Reconciling legal and technical approaches to reasoned and contestable administrative algorithmic decision-making

Partners: Utrecht University & Tilburg University
Type: PhD
Duration: 2023—2027

Algorithmic decision-making has come to stay. Algorithms are making their way from less controversial domains such as recommending music and video content to more complex domains such as administering child support, grading students and deciding on where to focus limited public resources. However, when entering the public domain, algorithms become subject to procedural safeguards intended to protect people from arbitrary state action. These procedural safeguards have been developed in the analogue setting where decisions are made by human officials. Whether or not these safeguards are able to protect fundamental rights when public decisions are increasingly made by – or with the help of – algorithms, remains to be seen.

One such procedural safeguard requires that administrative decisions which impact the rights and freedoms of individuals have to be reasoned. In the EU, the duty to give reasons derives from Article 41(2)(c) of the European Charter of Fundamental Rights. On the national level, the source of the administrative duty to give reasons differs per country, but is expressly recognised in a number of EU jurisdictions.

Providing reasons for administrative decisions is important on at least two counts. First, it enables decision subjects to ascertain on which grounds a decision has been made and whether they want to contest it. Second, a reasoning is necessary for competent courts to exercise their power of review. Consequently, the duty to give reasons directly contributes to making administrative decisions contestable.

Administrative algorithmic decisions – whether partially or entirely automated – have to be reasoned and contestable as well. Reasoning algorithmic decisions which rely on complex algorithms, or what some may call artificial intelligence (AI), presumes an understanding of how an algorithm has reached a specific outcome. Algorithmic decision-making involves a process that is different from human cognitive reasoning. Making this process understandable to the outside world is the aim of scholars in the field of Explainable Artificial Intelligence (XAI). However, even though considerable advances have been made in explaining the functioning of algorithmic systems, not all system functionality can always be made comprehensible.
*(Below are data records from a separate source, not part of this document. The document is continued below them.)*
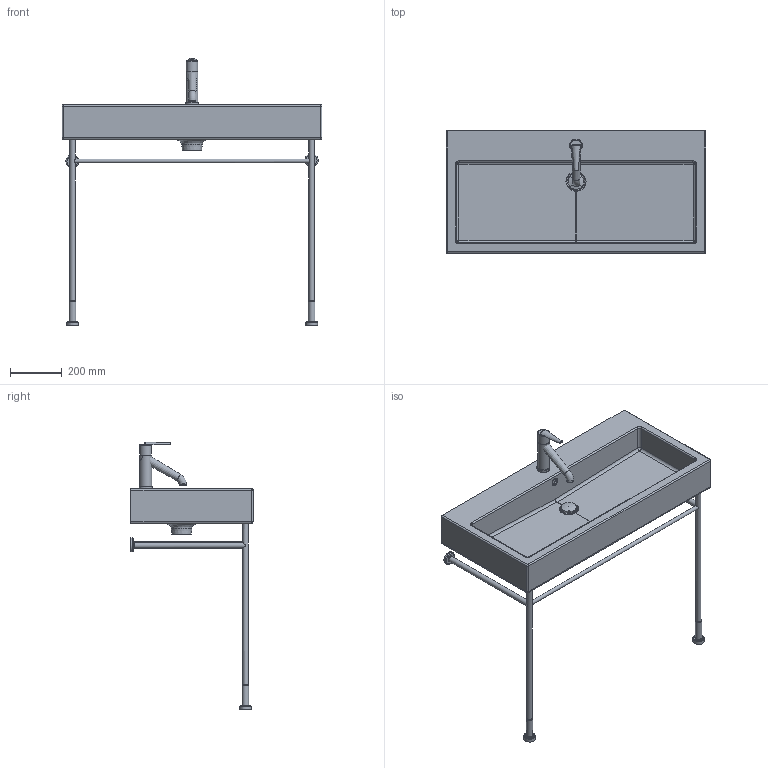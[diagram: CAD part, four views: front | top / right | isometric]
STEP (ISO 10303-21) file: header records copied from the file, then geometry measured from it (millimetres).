
FILE_DESCRIPTION((''),'2;1');
FILE_NAME('C:\Dokumente und Einstellungen\Huebner\Eigene Dateien\Koordinaten\045410_1_0030671.stp','2008-11-18T22:41:43',('Huebner'),(''),'Autodesk Inventor 11','Autodesk Inventor 11','');
FILE_SCHEMA(('AUTOMOTIVE_DESIGN { 1 0 10303 214 1 1 1 1 }'));
Length unit declared in the file: millimetre
Products named in the file (10): 045410_1_0030671; Gestel715x920_Ableitung; 045410_1d; Kelch; Stopfen; Hebel150vorlage; hebel1; Hebel1_150neu; Neoperl; Griff
Assembly tree (9 placements, depth 3):
  045410_1_0030671
    Gestel715x920_Ableitung
    045410_1d
    Kelch
    Stopfen
    Hebel150vorlage
      hebel1
      Hebel1_150neu
      Neoperl
      Griff
Bounding box: 1000 x 470 x 1029.34 mm (x, y, z)
Volume: 24926659.9 mm3; surface area: 2001340.6 mm2
Topology: 8 solids, 8 shells, 168 faces, 371 edges, 220 vertices
Faces by surface type: cylinder 61, plane 54, bspline 22, torus 19, cone 10, sphere 2
Full cylindrical faces by diameter (mm): 15 x1, 16 x1, 20 x1, 21 x4, 25 x7, 35 x2, 42 x1, 44 x1, 45 x3, 46 x1, 50 x3, 52 x1, 60 x1
Entity records: 7159 total; most frequent: CARTESIAN_POINT 3520, DIRECTION 759, ORIENTED_EDGE 594, AXIS2_PLACEMENT_3D 326, EDGE_CURVE 297, EDGE_LOOP 248, VERTEX_POINT 209, FACE_OUTER_BOUND 168

This project investigates what kind of reasoning does the right to a reasoned and contestable decision require when public decisions are made by – or with the help of – algorithms. This interdisciplinary question will be studied by using doctrinal and comparative legal research methods while considering the technical limits of explaining algorithmic output. The requirements of the administrative duty to reason will be analyzed both under EU and select national laws, with the aim to uncover whether existing legal frameworks are able to sufficiently protect fundamental rights when algorithms are used in administrative decision-making. At the same time, it will be explored whether the extent of the required reasoning is dependent on specific decision characteristics such as, for example, the type of the decision, consequences of the decision or the type and role of the algorithm used in decision-making.

The goal of this project is to take the increasingly automated society towards a better understanding of what are – or should be – the legal boundaries to explaining algorithmic decisions in the public sector. Clarifying the legal boundaries to explaining administrative algorithmic decisions would enable developers to design systems which have embedded the required degree of legal protection. Furthermore, it would help practitioners in the public sector to better assess when and how is using algorithmic tools in their work appropriate.

Within the Algosoc consortium, this project falls under the Governance element in the Justice sector. By focusing on the contestability of administrative decisions, this project studies the prerequisites of citizens’ access to justice in the administrative domain. At the core of this project are the values of transparency and accountability of public action as well as perceived fairness of public decision-making.